Mr. Andrews brings his gift for song to the congregation, selecting and then leading the hymns many Sundays. “There is always a song in my head. You know, God speaks to me through music.” Congregants old and young begin singing before they have even opened the hymnals, proof of the powerful combination of music and praise. The young, spirited soundman, Jerome, plays modern Gospel hits prior to and following the service, a reminder that contemporary music has a place, even in a historic congregation.

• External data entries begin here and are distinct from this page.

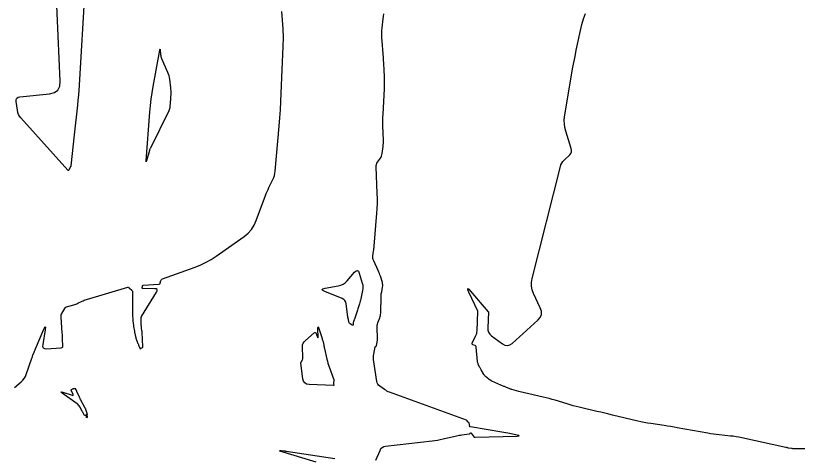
# Model space of a CAD drawing. Extents: x 658976 to 668726, y 639543 to 647196.
# Drawn here: x 662966.5 to 663103.2, y 642434.1 to 642511.3 of the extents above; entities that cross this region are included whole.
import ezdxf

# ---------------------------------------------------------------- set-up
doc = ezdxf.new("R2010")
doc.units = 0
doc.layers.add('Ex_Major Contours', color=7, linetype='Continuous')
doc.layers.add('Ex_Minor Contours', color=7, linetype='Continuous')

msp = doc.modelspace()

# ---------------------------------------------------------------- linework, layer by layer
at = {"layer": 'Ex_Major Contours'}
msp.add_lwpolyline([(662966.29, 642446.17), (662967.5, 642447.21), (662967.78, 642447.48), (662968.02, 642447.79), (662968.22, 642448.12), (662968.37, 642448.49), (662969.33, 642451.3), (662969.38, 642451.43), (662969.43, 642451.57), (662969.48, 642451.71), (662969.54, 642451.85), (662969.75, 642452.39), (662969.81, 642452.53), (662969.86, 642452.67), (662969.92, 642452.8), (662969.97, 642452.94), (662971.41, 642456.38), (662971.59, 642456.77), (662971.69, 642456.89), (662971.72, 642456.74), (662971.66, 642456.31), (662971.24, 642453.74), (662971.23, 642453.38), (662971.35, 642453.14), (662971.58, 642453), (662971.93, 642452.97), (662974.4, 642453.12), (662974.4, 642453.12), (662974.41, 642453.12), (662974.41, 642453.12), (662974.42, 642453.13), (662974.43, 642453.13), (662974.45, 642453.14), (662974.69, 642453.25), (662974.73, 642453.28), (662974.76, 642453.31), (662974.77, 642453.34), (662974.77, 642453.39), (662974.72, 642454.75), (662974.7, 642454.99), (662974.69, 642455.23), (662974.68, 642455.47), (662974.66, 642455.72), (662974.46, 642458.56), (662974.46, 642458.57), (662974.46, 642458.58), (662974.46, 642458.59), (662974.46, 642458.59), (662974.47, 642458.88), (662974.47, 642458.92), (662974.48, 642458.95), (662974.49, 642458.99), (662974.51, 642459.02), (662975.16, 642460.14), (662975.21, 642460.21), (662975.27, 642460.26), (662975.33, 642460.31), (662975.41, 642460.33), (662976.66, 642460.65), (662976.85, 642460.71), (662977.04, 642460.78), (662977.23, 642460.85), (662977.41, 642460.94), (662978.13, 642461.31), (662978.31, 642461.39), (662978.5, 642461.47), (662978.69, 642461.54), (662978.88, 642461.61), (662986.12, 642463.78), (662986.15, 642463.78), (662986.18, 642463.78), (662986.21, 642463.77), (662986.23, 642463.76), (662986.33, 642463.67), (662986.36, 642463.65), (662986.39, 642463.63), (662986.41, 642463.61), (662986.43, 642463.59), (662986.81, 642463.21), (662986.88, 642463.13), (662986.92, 642463.05), (662986.95, 642462.96), (662986.96, 642462.86), (662986.95, 642459.01), (662986.95, 642458.98), (662986.95, 642458.95), (662986.95, 642458.92), (662986.95, 642458.88), (662987.02, 642458.02), (662987.02, 642457.98), (662987.02, 642457.94), (662987.03, 642457.91), (662987.03, 642457.87), (662987.11, 642457.04), (662987.11, 642456.99), (662987.12, 642456.94), (662987.13, 642456.9), (662987.13, 642456.86), (662987.27, 642456.06), (662987.28, 642456.01), (662987.29, 642455.96), (662987.3, 642455.91), (662987.31, 642455.86), (662987.47, 642455.13), (662987.49, 642455.05), (662987.51, 642454.98), (662987.53, 642454.91), (662987.55, 642454.85), (662987.89, 642453.91), (662987.93, 642453.81), (662987.97, 642453.71), (662988.01, 642453.61), (662988.05, 642453.51), (662988.28, 642452.95), (662988.29, 642452.93), (662988.3, 642452.93), (662988.31, 642452.93), (662988.32, 642452.94), (662988.38, 642453.01), (662988.39, 642453.02), (662988.41, 642453.04), (662988.43, 642453.05), (662988.44, 642453.06), (662988.67, 642453.19), (662988.7, 642453.21), (662988.73, 642453.25), (662988.74, 642453.29), (662988.75, 642453.33), (662988.62, 642455.86), (662988.62, 642455.94), (662988.61, 642456.03), (662988.6, 642456.11), (662988.59, 642456.2), (662988.55, 642456.55), (662988.54, 642456.63), (662988.53, 642456.7), (662988.52, 642456.78), (662988.51, 642456.86), (662988.48, 642457.19), (662988.47, 642457.26), (662988.47, 642457.34), (662988.46, 642457.41), (662988.46, 642457.49), (662988.46, 642457.79), (662988.46, 642457.86), (662988.45, 642457.93), (662988.45, 642458), (662988.45, 642458.07), (662988.45, 642458.35), (662988.46, 642458.42), (662988.47, 642458.49), (662988.5, 642458.55), (662988.53, 642458.61), (662991.14, 642462.87), (662991.26, 642463.14), (662991.25, 642463.34), (662991.09, 642463.45), (662990.8, 642463.49), (662988.79, 642463.51), (662988.73, 642463.52), (662988.68, 642463.55), (662988.66, 642463.59), (662988.66, 642463.66), (662988.68, 642463.96), (662988.69, 642464.02), (662988.73, 642464.07), (662988.77, 642464.1), (662988.84, 642464.12), (662991.53, 642464.29), (662991.62, 642464.31), (662991.7, 642464.35), (662991.76, 642464.42), (662991.8, 642464.51), (662991.93, 642464.92), (662991.97, 642465.01), (662992.03, 642465.09), (662992.1, 642465.15), (662992.19, 642465.19), (662997.92, 642467.27), (662998.89, 642467.66), (662999.83, 642468.12), (663000.73, 642468.63), (663001.61, 642469.21), (663006.47, 642472.65), (663007.15, 642473.22), (663007.74, 642473.87), (663008.21, 642474.6), (663008.58, 642475.41), (663010.2, 642479.8), (663010.34, 642480.16), (663010.49, 642480.52), (663010.65, 642480.87), (663010.81, 642481.22), (663011.5, 642482.61), (663011.65, 642482.96), (663011.77, 642483.32), (663011.85, 642483.7), (663011.91, 642484.08), (663012.6, 642491.95), (663012.72, 642493.39), (663012.82, 642494.83), (663012.91, 642496.27), (663012.97, 642497.72), (663013.3, 642505.87), (663013.33, 642507.42), (663013.3, 642508.96), (663013.2, 642510.5), (663013.04, 642512.04)], dxfattribs=at)
for points in [[(663027.22, 642464.16), (663027.25, 642463.84), (663027.25, 642463.52), (663027.2, 642463.2), (663026.89, 642461.71), (663026.85, 642461.49), (663026.79, 642461.28), (663026.73, 642461.06), (663026.67, 642460.84), (663026.38, 642459.95), (663026.32, 642459.75), (663026.26, 642459.56), (663026.19, 642459.37), (663026.13, 642459.18), (663025.75, 642458.15), (663025.73, 642458.1), (663025.71, 642458.05), (663025.69, 642458), (663025.68, 642457.95), (663025.61, 642457.74), (663025.59, 642457.69), (663025.58, 642457.64), (663025.57, 642457.58), (663025.56, 642457.53), (663025.53, 642457.19), (663025.52, 642457.13), (663025.49, 642457.09), (663025.44, 642457.09), (663025.39, 642457.11), (663025.02, 642457.32), (663024.94, 642457.38), (663024.88, 642457.44), (663024.84, 642457.52), (663024.81, 642457.61), (663024.7, 642458.15), (663024.69, 642458.23), (663024.67, 642458.3), (663024.66, 642458.37), (663024.64, 642458.45), (663024.59, 642458.74), (663024.58, 642458.81), (663024.56, 642458.89), (663024.55, 642458.96), (663024.54, 642459.04), (663024.32, 642460.85), (663024.25, 642461.16), (663024.11, 642461.41), (663023.9, 642461.61), (663023.63, 642461.76), (663020.58, 642462.98), (663020.21, 642463.17), (663020.09, 642463.33), (663020.24, 642463.47), (663020.64, 642463.58), (663022.93, 642463.98), (663023.37, 642464.1), (663023.78, 642464.29), (663024.15, 642464.54), (663024.48, 642464.87), (663025.8, 642466.4), (663026.06, 642466.63), (663026.28, 642466.67), (663026.45, 642466.54), (663026.6, 642466.23), (663027.14, 642464.47)], [(662976.51, 642444.81), (662976.57, 642444.83), (662976.58, 642444.89), (662976.55, 642445), (662976.24, 642445.69), (662976.22, 642445.73), (662976.23, 642445.77), (662976.24, 642445.8), (662976.28, 642445.83), (662976.47, 642445.94), (662976.49, 642445.96), (662976.52, 642445.97), (662976.55, 642445.98), (662976.57, 642445.99), (662976.71, 642446.04), (662976.72, 642446.04), (662976.74, 642446.05), (662976.76, 642446.05), (662976.77, 642446.05), (662976.84, 642446.04), (662976.86, 642446.04), (662976.87, 642446.03), (662976.88, 642446.02), (662976.89, 642446.01), (662977.08, 642445.73), (662977.09, 642445.71), (662977.1, 642445.7), (662977.11, 642445.68), (662977.12, 642445.66), (662977.14, 642445.59), (662977.15, 642445.57), (662977.16, 642445.55), (662977.16, 642445.53), (662977.17, 642445.52), (662977.59, 642444.59), (662977.61, 642444.55), (662977.62, 642444.52), (662977.64, 642444.48), (662977.65, 642444.45), (662977.71, 642444.31), (662977.72, 642444.27), (662977.74, 642444.24), (662977.75, 642444.21), (662977.77, 642444.17), (662978.55, 642442.75), (662978.57, 642442.72), (662978.58, 642442.69), (662978.6, 642442.67), (662978.61, 642442.64), (662978.67, 642442.53), (662978.68, 642442.5), (662978.7, 642442.48), (662978.71, 642442.45), (662978.72, 642442.42), (662979.03, 642441.52), (662979.03, 642441.51), (662979.03, 642441.51), (662979.03, 642441.5), (662979.03, 642441.49), (662979.04, 642441.47), (662979.04, 642441.46), (662979.03, 642441.46), (662979.03, 642441.45), (662979.03, 642441.45), (662978.73, 642441.32), (662978.71, 642441.31), (662978.7, 642441.3), (662978.68, 642441.3), (662978.67, 642441.3), (662978.6, 642441.29), (662978.59, 642441.29), (662978.58, 642441.29), (662978.57, 642441.3), (662978.56, 642441.31), (662978.33, 642441.74), (662978.28, 642441.81), (662978.24, 642441.89), (662978.2, 642441.96), (662978.16, 642442.04), (662977.71, 642442.83), (662977.62, 642442.98), (662977.51, 642443.12), (662977.38, 642443.25), (662977.25, 642443.36), (662974.66, 642445.21), (662974.46, 642445.37), (662974.41, 642445.45), (662974.51, 642445.46), (662974.75, 642445.39), (662976.4, 642444.83)], [(662979, 642441.04), (662979, 642441.04), (662979, 642441.03), (662979, 642441.03), (662978.91, 642440.88), (662978.9, 642440.87), (662978.9, 642440.87), (662978.89, 642440.87), (662978.89, 642440.88), (662978.91, 642441.07), (662978.91, 642441.08), (662978.91, 642441.1), (662978.92, 642441.11), (662978.92, 642441.12), (662979, 642441.28), (662979.02, 642441.3), (662979.03, 642441.31), (662979.03, 642441.3), (662979.03, 642441.27)]]:
    msp.add_lwpolyline(points, close=True, dxfattribs=at)
at = {"layer": 'Ex_Minor Contours'}
for points in [[(662978.61, 642515.96), (662977.61, 642499.12), (662977.55, 642498.25), (662977.48, 642497.38), (662977.4, 642496.51), (662977.31, 642495.64), (662976.75, 642490.42), (662976.16, 642485), (662976.16, 642484.96), (662976.15, 642484.93), (662976.14, 642484.89), (662976.12, 642484.86), (662975.81, 642484.25), (662975.78, 642484.2), (662975.74, 642484.18), (662975.69, 642484.19), (662975.64, 642484.23), (662967.43, 642493.39), (662967.2, 642493.69), (662967.02, 642494.01), (662966.89, 642494.36), (662966.81, 642494.73), (662966.6, 642496.26), (662966.61, 642496.6), (662966.72, 642496.85), (662966.94, 642497.02), (662967.27, 642497.1), (662972.43, 642497.61), (662973.29, 642497.83), (662973.89, 642498.26), (662974.24, 642498.92), (662974.32, 642499.8), (662973.59, 642515.73)], [(663029.52, 642433.45), (663030.24, 642435.19), (663030.4, 642435.49), (663030.61, 642435.71), (663030.88, 642435.85), (663031.21, 642435.93), (663039.36, 642436.85), (663039.84, 642436.91), (663040.31, 642436.99), (663040.79, 642437.08), (663041.26, 642437.18), (663043.64, 642437.74), (663043.86, 642437.79), (663044.08, 642437.84), (663044.31, 642437.87), (663044.53, 642437.9), (663045.82, 642438.06), (663045.85, 642438.07), (663045.89, 642438.08), (663045.92, 642438.1), (663045.95, 642438.12), (663046.06, 642438.21), (663046.09, 642438.23), (663046.11, 642438.24), (663046.14, 642438.23), (663046.16, 642438.21), (663046.73, 642437.51), (663046.74, 642437.5), (663046.75, 642437.5), (663046.76, 642437.49), (663046.77, 642437.49), (663046.84, 642437.49), (663046.88, 642437.49), (663054.24, 642437.69), (663054.49, 642437.71), (663054.58, 642437.74), (663054.5, 642437.79), (663054.25, 642437.85), (663052.91, 642438.12), (663052.58, 642438.19), (663052.24, 642438.25), (663051.91, 642438.31), (663051.57, 642438.37), (663046.04, 642439.31), (663046.03, 642439.31), (663046.02, 642439.31), (663046.01, 642439.31), (663046, 642439.32), (663045.96, 642439.33), (663045.95, 642439.34), (663045.94, 642439.34), (663045.94, 642439.35), (663045.93, 642439.36), (663045.82, 642439.99), (663045.82, 642440.01), (663045.8, 642440.03), (663045.79, 642440.04), (663045.77, 642440.06), (663045.68, 642440.11), (663045.66, 642440.12), (663045.65, 642440.14), (663045.63, 642440.15), (663045.62, 642440.17), (663045.5, 642440.35), (663045.47, 642440.38), (663045.44, 642440.41), (663045.41, 642440.43), (663045.37, 642440.45), (663031.92, 642445.37), (663031.68, 642445.46), (663031.45, 642445.57), (663031.23, 642445.7), (663031.02, 642445.84), (663030.18, 642446.44), (663029.99, 642446.61), (663029.84, 642446.8), (663029.74, 642447.01), (663029.68, 642447.25), (663029.12, 642451.1), (663029.09, 642451.33), (663029.09, 642451.55), (663029.11, 642451.78), (663029.14, 642452.01), (663029.42, 642453.31), (663029.42, 642453.33), (663029.44, 642453.36), (663029.46, 642453.38), (663029.48, 642453.39), (663029.58, 642453.45), (663029.6, 642453.47), (663029.62, 642453.49), (663029.64, 642453.51), (663029.64, 642453.54), (663029.74, 642454.11), (663029.76, 642454.21), (663029.77, 642454.32), (663029.78, 642454.42), (663029.78, 642454.53), (663029.75, 642456.91), (663029.75, 642457.11), (663029.78, 642457.3), (663029.83, 642457.49), (663029.9, 642457.68), (663030.2, 642458.41), (663030.27, 642458.6), (663030.32, 642458.79), (663030.35, 642458.99), (663030.37, 642459.18), (663030.43, 642462.16), (663030.44, 642462.37), (663030.46, 642462.57), (663030.49, 642462.77), (663030.53, 642462.97), (663030.69, 642463.77), (663030.72, 642463.97), (663030.72, 642464.17), (663030.7, 642464.37), (663030.65, 642464.56), (663030.31, 642465.68), (663030.23, 642465.93), (663030.14, 642466.17), (663030.04, 642466.41), (663029.93, 642466.65), (663029.13, 642468.39), (663029.05, 642468.59), (663029.01, 642468.79), (663028.99, 642469), (663029.01, 642469.22), (663029.12, 642470.08), (663029.15, 642470.29), (663029.17, 642470.51), (663029.2, 642470.73), (663029.22, 642470.94), (663029.69, 642476.69), (663029.75, 642477.55), (663029.78, 642478.41), (663029.79, 642479.27), (663029.76, 642480.13), (663029.57, 642484.85), (663029.58, 642485.06), (663029.62, 642485.26), (663029.7, 642485.46), (663029.81, 642485.64), (663030.31, 642486.34), (663030.43, 642486.53), (663030.52, 642486.72), (663030.58, 642486.92), (663030.62, 642487.13), (663030.79, 642488.38), (663030.82, 642488.66), (663030.84, 642488.94), (663030.84, 642489.22), (663030.84, 642489.51), (663030.75, 642492.01), (663030.73, 642492.52), (663030.73, 642493.03), (663030.74, 642493.54), (663030.77, 642494.05), (663031.01, 642498.46), (663031.02, 642498.92), (663031.03, 642499.37), (663031.03, 642499.83), (663031.01, 642500.28), (663030.94, 642502.1), (663030.91, 642502.56), (663030.89, 642503.01), (663030.86, 642503.46), (663030.83, 642503.92), (663030.56, 642507.5), (663030.54, 642507.91), (663030.54, 642508.32), (663030.56, 642508.72), (663030.61, 642509.13), (663030.82, 642510.76), (663030.87, 642511.17), (663030.92, 642511.58)], [(663108.7, 642435.46), (663102.69, 642435.47), (663102.56, 642435.48), (663102.44, 642435.48), (663102.31, 642435.5), (663102.19, 642435.52), (663101.7, 642435.6), (663101.58, 642435.62), (663101.46, 642435.64), (663101.34, 642435.67), (663101.21, 642435.7), (663093.5, 642437.39), (663093.02, 642437.49), (663092.53, 642437.58), (663092.03, 642437.65), (663091.54, 642437.7), (663089.55, 642437.9), (663089.05, 642437.95), (663088.56, 642438.02), (663088.07, 642438.09), (663087.58, 642438.18), (663082.24, 642439.16), (663081.67, 642439.26), (663081.09, 642439.36), (663080.51, 642439.45), (663079.93, 642439.54), (663077.61, 642439.87), (663077.03, 642439.96), (663076.45, 642440.06), (663075.88, 642440.18), (663075.31, 642440.31), (663070.93, 642441.36), (663070.24, 642441.52), (663069.54, 642441.69), (663068.85, 642441.85), (663068.16, 642442.01), (663065.05, 642442.74), (663064.53, 642442.87), (663064, 642443), (663063.48, 642443.15), (663062.96, 642443.31), (663060.89, 642443.96), (663060.37, 642444.11), (663059.85, 642444.26), (663059.33, 642444.4), (663058.8, 642444.52), (663055.5, 642445.27), (663055.25, 642445.32), (663055.01, 642445.38), (663054.76, 642445.45), (663054.52, 642445.51), (663053.29, 642445.85), (663053.17, 642445.88), (663053.05, 642445.92), (663052.94, 642445.96), (663052.82, 642446.01), (663052.37, 642446.2), (663052.25, 642446.24), (663052.14, 642446.29), (663052.03, 642446.34), (663051.91, 642446.39), (663049.82, 642447.3), (663049.77, 642447.33), (663049.72, 642447.35), (663049.67, 642447.38), (663049.63, 642447.41), (663049.44, 642447.52), (663049.4, 642447.55), (663049.36, 642447.58), (663049.31, 642447.61), (663049.27, 642447.65), (663048.69, 642448.13), (663048.59, 642448.23), (663048.49, 642448.33), (663048.41, 642448.44), (663048.33, 642448.56), (663047.92, 642449.3), (663047.85, 642449.42), (663047.79, 642449.54), (663047.73, 642449.65), (663047.67, 642449.77), (663047.43, 642450.25), (663047.38, 642450.37), (663047.34, 642450.49), (663047.31, 642450.62), (663047.29, 642450.75), (663047.07, 642453.27), (663047.05, 642453.36), (663047.01, 642453.44), (663046.95, 642453.5), (663046.86, 642453.54), (663046.48, 642453.68), (663046.4, 642453.72), (663046.36, 642453.78), (663046.35, 642453.85), (663046.38, 642453.94), (663046.97, 642455.16), (663047.07, 642455.39), (663047.15, 642455.64), (663047.2, 642455.89), (663047.22, 642456.14), (663047.36, 642459.48), (663047.36, 642459.5), (663047.36, 642459.52), (663047.35, 642459.55), (663047.34, 642459.57), (663045.79, 642462.89), (663045.62, 642463.32), (663045.6, 642463.5), (663045.76, 642463.41), (663046.08, 642463.07), (663049.18, 642459.46), (663049.19, 642459.44), (663049.2, 642459.42), (663049.2, 642459.4), (663049.2, 642459.38), (663049.09, 642456.65), (663049.12, 642456.24), (663049.24, 642455.87), (663049.45, 642455.54), (663049.75, 642455.26), (663051.66, 642453.85), (663052.09, 642453.61), (663052.51, 642453.54), (663052.92, 642453.65), (663053.33, 642453.92), (663057.83, 642457.97), (663058.25, 642458.45), (663058.46, 642458.98), (663058.47, 642459.54), (663058.28, 642460.15), (663057.11, 642462.66), (663056.88, 642463.3), (663056.76, 642463.94), (663056.75, 642464.6), (663056.87, 642465.26), (663061.79, 642484.86), (663061.89, 642485.18), (663062.03, 642485.47), (663062.22, 642485.74), (663062.44, 642485.99), (663063.42, 642486.93), (663063.62, 642487.18), (663063.74, 642487.44), (663063.76, 642487.74), (663063.7, 642488.05), (663062.72, 642491.09), (663062.56, 642491.7), (663062.48, 642492.33), (663062.47, 642492.95), (663062.53, 642493.59), (663063.74, 642500.88), (663063.93, 642501.97), (663064.13, 642503.07), (663064.35, 642504.16), (663064.57, 642505.25), (663065.55, 642509.77), (663065.82, 642510.75), (663066.2, 642511.67)], [(663019.05, 642433.13), (663012.73, 642435.04), (663012.71, 642435.05), (663012.71, 642435.06), (663012.71, 642435.07), (663012.72, 642435.08), (663012.79, 642435.14), (663012.81, 642435.15), (663012.82, 642435.16), (663012.83, 642435.17), (663012.85, 642435.17), (663012.94, 642435.18), (663012.95, 642435.18), (663012.95, 642435.18), (663012.97, 642435.18), (663012.97, 642435.17), (663013.48, 642435.1), (663013.56, 642435.09), (663013.64, 642435.08), (663013.73, 642435.07), (663013.81, 642435.05), (663022.35, 642433.78)]]:
    msp.add_lwpolyline(points, dxfattribs=at)
for points in [[(662990.1, 642495.55), (662990.23, 642496.68), (662990.39, 642497.8), (662990.58, 642498.91), (662991.71, 642505.24), (662991.74, 642505.38), (662991.77, 642505.42), (662991.79, 642505.38), (662991.8, 642505.24), (662991.86, 642504.49), (662991.88, 642504.31), (662991.92, 642504.13), (662991.97, 642503.95), (662992.04, 642503.78), (662993.06, 642501.41), (662993.18, 642501.11), (662993.28, 642500.8), (662993.35, 642500.48), (662993.41, 642500.16), (662993.59, 642498.64), (662993.62, 642498.42), (662993.63, 642498.2), (662993.63, 642497.98), (662993.63, 642497.75), (662993.59, 642496.79), (662993.58, 642496.6), (662993.57, 642496.42), (662993.56, 642496.24), (662993.54, 642496.06), (662993.48, 642495.34), (662993.46, 642495.16), (662993.42, 642494.98), (662993.36, 642494.82), (662993.29, 642494.65), (662990.08, 642488.12), (662990.03, 642488.02), (662989.99, 642487.91), (662989.95, 642487.81), (662989.92, 642487.7), (662989.4, 642485.89), (662989.35, 642485.75), (662989.32, 642485.7), (662989.31, 642485.75), (662989.32, 642485.9), (662990, 642494.42)], [(663019.34, 642454.9), (663019.38, 642454.86), (663019.39, 642454.91), (663019.4, 642455.03), (663019.37, 642456.49), (663019.37, 642456.72), (663019.4, 642456.8), (663019.46, 642456.73), (663019.54, 642456.52), (663020.1, 642454.78), (663020.15, 642454.64), (663020.19, 642454.49), (663020.23, 642454.35), (663020.27, 642454.2), (663020.4, 642453.61), (663020.44, 642453.46), (663020.47, 642453.31), (663020.5, 642453.16), (663020.54, 642453.02), (663020.95, 642451.18), (663021.03, 642450.83), (663021.13, 642450.48), (663021.24, 642450.13), (663021.36, 642449.79), (663022.12, 642447.71), (663022.15, 642447.63), (663022.16, 642447.56), (663022.16, 642447.48), (663022.16, 642447.4), (663022.12, 642447.02), (663022.11, 642446.97), (663022.12, 642446.92), (663022.12, 642446.87), (663022.13, 642446.82), (663022.19, 642446.63), (663022.19, 642446.59), (663022.18, 642446.56), (663022.16, 642446.54), (663022.11, 642446.54), (663017.82, 642446.73), (663017.4, 642446.8), (663017.08, 642446.99), (663016.87, 642447.29), (663016.75, 642447.7), (663016.39, 642450.47), (663016.38, 642450.49), (663016.39, 642450.51), (663016.39, 642450.53), (663016.4, 642450.54), (663016.44, 642450.61), (663016.45, 642450.62), (663016.46, 642450.64), (663016.47, 642450.66), (663016.48, 642450.68), (663016.69, 642451.12), (663016.72, 642451.2), (663016.74, 642451.29), (663016.75, 642451.37), (663016.76, 642451.46), (663016.69, 642453.32), (663016.71, 642453.65), (663016.8, 642453.94), (663016.95, 642454.21), (663017.18, 642454.44), (663018.71, 642455.74), (663018.82, 642455.81), (663018.92, 642455.82), (663019.01, 642455.76), (663019.07, 642455.64), (663019.29, 642455.01)]]:
    msp.add_lwpolyline(points, close=True, dxfattribs=at)

doc.saveas('drawing.dxf')

Scriptural readings during services often come from the Psalms of the Bible—essentially songs of praise to God. The Psalms are reminders of God’s steadfast love and the blessings He bestows upon those who follow Him. Many begin with tales of sorrow and hardship but end with God’s glory and His promise to watch over His children. These eloquent verses lend support to the members of Burns whenever they need it. From the teachings of Jesus in the Gospels to the praise of the Psalms, the Bible gives congregants examples of ways to live life as a follower of Christ. Dr. Dennis Zachary shared a verse he uses as a guide: “Love the Lord your God with all of your heart and with all of your soul and all of your mind and all of your strength.”
Despite the living faith of congregants and the addition of recent immigrants and refugees, Burns still struggles to attract new members. As Ms. Jackson put it, “It’s hard to get people to come. Young people just don’t believe anymore.” In hopes of attracting younger members, folks at Burns have taken steps to increase community mission work, offering neighbors a meal and, if needed, a change of clothes. Giving back is important to the culture of this congregation, namely by way of tithes–when one donates 10% of one’s income to the church. These monetary gifts go to support the range of ministries the United Methodist Church is involved in, from Native ministries to international trips. Even for those who cannot give financially or visit the elderly or ill, members of the congregation know a simple conversation and the act of reaching out can improve lives and situations.
Burns United Methodist Church is a strong faith community held together by love and adoration of God for 150 years. Now, adapting to the times, the church is entering a stage of revitalization where “every Sunday speaks to somebody.” God is speaking to His people, and at Burns their hearts are open.